#### MATERIAL PROVIDED ####

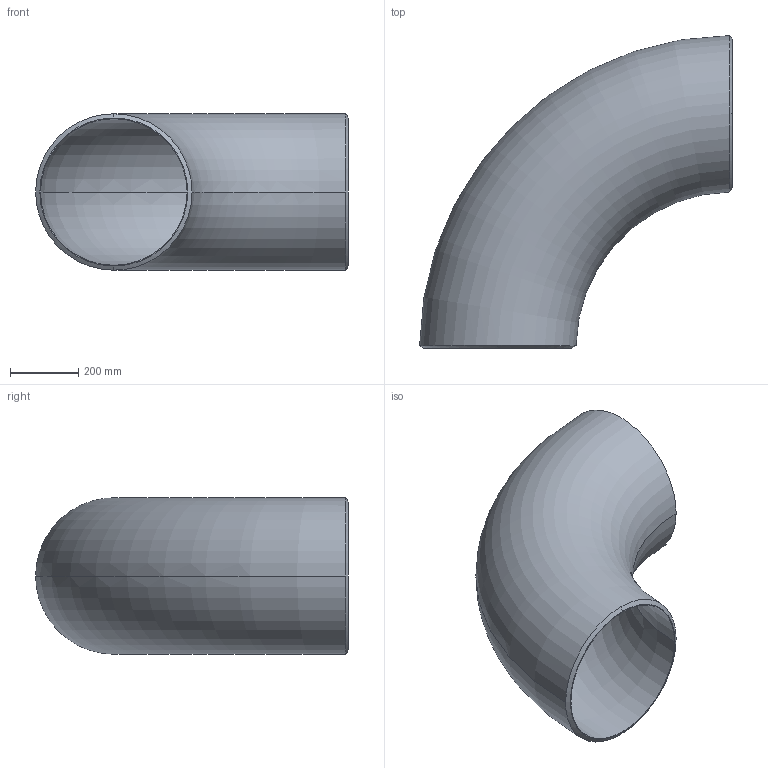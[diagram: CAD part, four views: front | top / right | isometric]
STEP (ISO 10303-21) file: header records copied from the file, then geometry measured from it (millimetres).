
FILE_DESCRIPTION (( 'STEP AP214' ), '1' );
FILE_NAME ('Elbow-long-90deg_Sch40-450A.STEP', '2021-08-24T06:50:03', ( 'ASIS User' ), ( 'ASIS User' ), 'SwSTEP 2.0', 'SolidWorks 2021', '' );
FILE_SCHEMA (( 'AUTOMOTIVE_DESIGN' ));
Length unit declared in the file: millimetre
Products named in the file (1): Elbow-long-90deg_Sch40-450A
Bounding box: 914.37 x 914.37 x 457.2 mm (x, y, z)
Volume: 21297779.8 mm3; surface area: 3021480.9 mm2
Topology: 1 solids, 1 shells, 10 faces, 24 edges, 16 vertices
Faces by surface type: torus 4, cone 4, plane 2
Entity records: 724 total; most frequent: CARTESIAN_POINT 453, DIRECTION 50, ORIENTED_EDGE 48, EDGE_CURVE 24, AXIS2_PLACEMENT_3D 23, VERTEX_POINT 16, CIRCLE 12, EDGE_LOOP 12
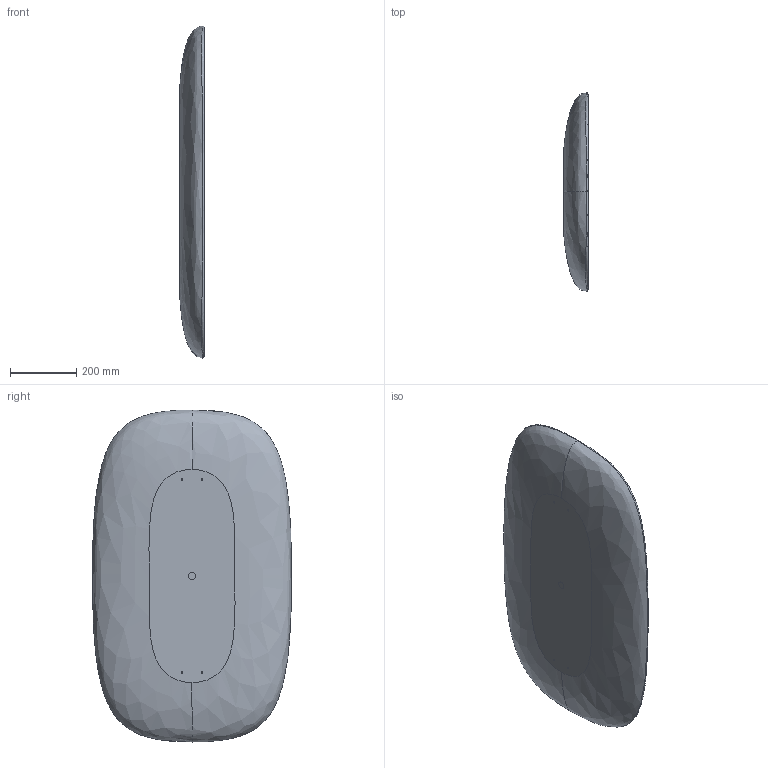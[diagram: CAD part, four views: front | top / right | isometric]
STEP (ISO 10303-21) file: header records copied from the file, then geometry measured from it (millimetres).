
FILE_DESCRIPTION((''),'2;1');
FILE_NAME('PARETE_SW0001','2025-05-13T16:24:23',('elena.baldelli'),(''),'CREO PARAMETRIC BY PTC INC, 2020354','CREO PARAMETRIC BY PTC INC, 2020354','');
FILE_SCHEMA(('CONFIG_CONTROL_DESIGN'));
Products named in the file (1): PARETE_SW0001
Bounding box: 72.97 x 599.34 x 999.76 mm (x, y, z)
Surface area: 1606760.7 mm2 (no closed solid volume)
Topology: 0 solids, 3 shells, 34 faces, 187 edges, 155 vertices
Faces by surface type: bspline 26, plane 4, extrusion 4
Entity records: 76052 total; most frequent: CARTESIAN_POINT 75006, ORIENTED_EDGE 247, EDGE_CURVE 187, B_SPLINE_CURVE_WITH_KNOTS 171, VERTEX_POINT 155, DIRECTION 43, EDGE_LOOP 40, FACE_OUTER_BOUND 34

####

# EXERCISE DIRECTIONS
Apart from the pictures, all of the data should be repeated exactly.

# YOUR SOLUTION
[diagram: CAD part, four views: front | top / right | isometric]
STEP (ISO 10303-21) file: header records copied from the file, then geometry measured from it (millimetres).
FILE_DESCRIPTION (( 'STEP AP214' ), '1' );
FILE_NAME ('Elbow-long-90deg_Sch40-450A.STEP', '2021-08-24T06:50:03', ( 'ASIS User' ), ( 'ASIS User' ), 'SwSTEP 2.0', 'SolidWorks 2021', '' );
FILE_SCHEMA (( 'AUTOMOTIVE_DESIGN' ));
Length unit declared in the file: millimetre
Products named in the file (1): Elbow-long-90deg_Sch40-450A
Bounding box: 914.37 x 914.37 x 457.2 mm (x, y, z)
Volume: 21297779.8 mm3; surface area: 3021480.9 mm2
Topology: 1 solids, 1 shells, 10 faces, 24 edges, 16 vertices
Faces by surface type: torus 4, cone 4, plane 2
Entity records: 724 total; most frequent: CARTESIAN_POINT 453, DIRECTION 50, ORIENTED_EDGE 48, EDGE_CURVE 24, AXIS2_PLACEMENT_3D 23, VERTEX_POINT 16, CIRCLE 12, EDGE_LOOP 12
[diagram: CAD part, four views: front | top / right | isometric]
STEP (ISO 10303-21) file: header records copied from the file, then geometry measured from it (millimetres).
FILE_DESCRIPTION((''),'2;1');
FILE_NAME('PARETE_SW0001','2025-05-13T16:24:23',('elena.baldelli'),(''),'CREO PARAMETRIC BY PTC INC, 2020354','CREO PARAMETRIC BY PTC INC, 2020354','');
FILE_SCHEMA(('CONFIG_CONTROL_DESIGN'));
Products named in the file (1): PARETE_SW0001
Bounding box: 72.97 x 599.34 x 999.76 mm (x, y, z)
Surface area: 1606760.7 mm2 (no closed solid volume)
Topology: 0 solids, 3 shells, 34 faces, 187 edges, 155 vertices
Faces by surface type: bspline 26, plane 4, extrusion 4
Entity records: 76052 total; most frequent: CARTESIAN_POINT 75006, ORIENTED_EDGE 247, EDGE_CURVE 187, B_SPLINE_CURVE_WITH_KNOTS 171, VERTEX_POINT 155, DIRECTION 43, EDGE_LOOP 40, FACE_OUTER_BOUND 34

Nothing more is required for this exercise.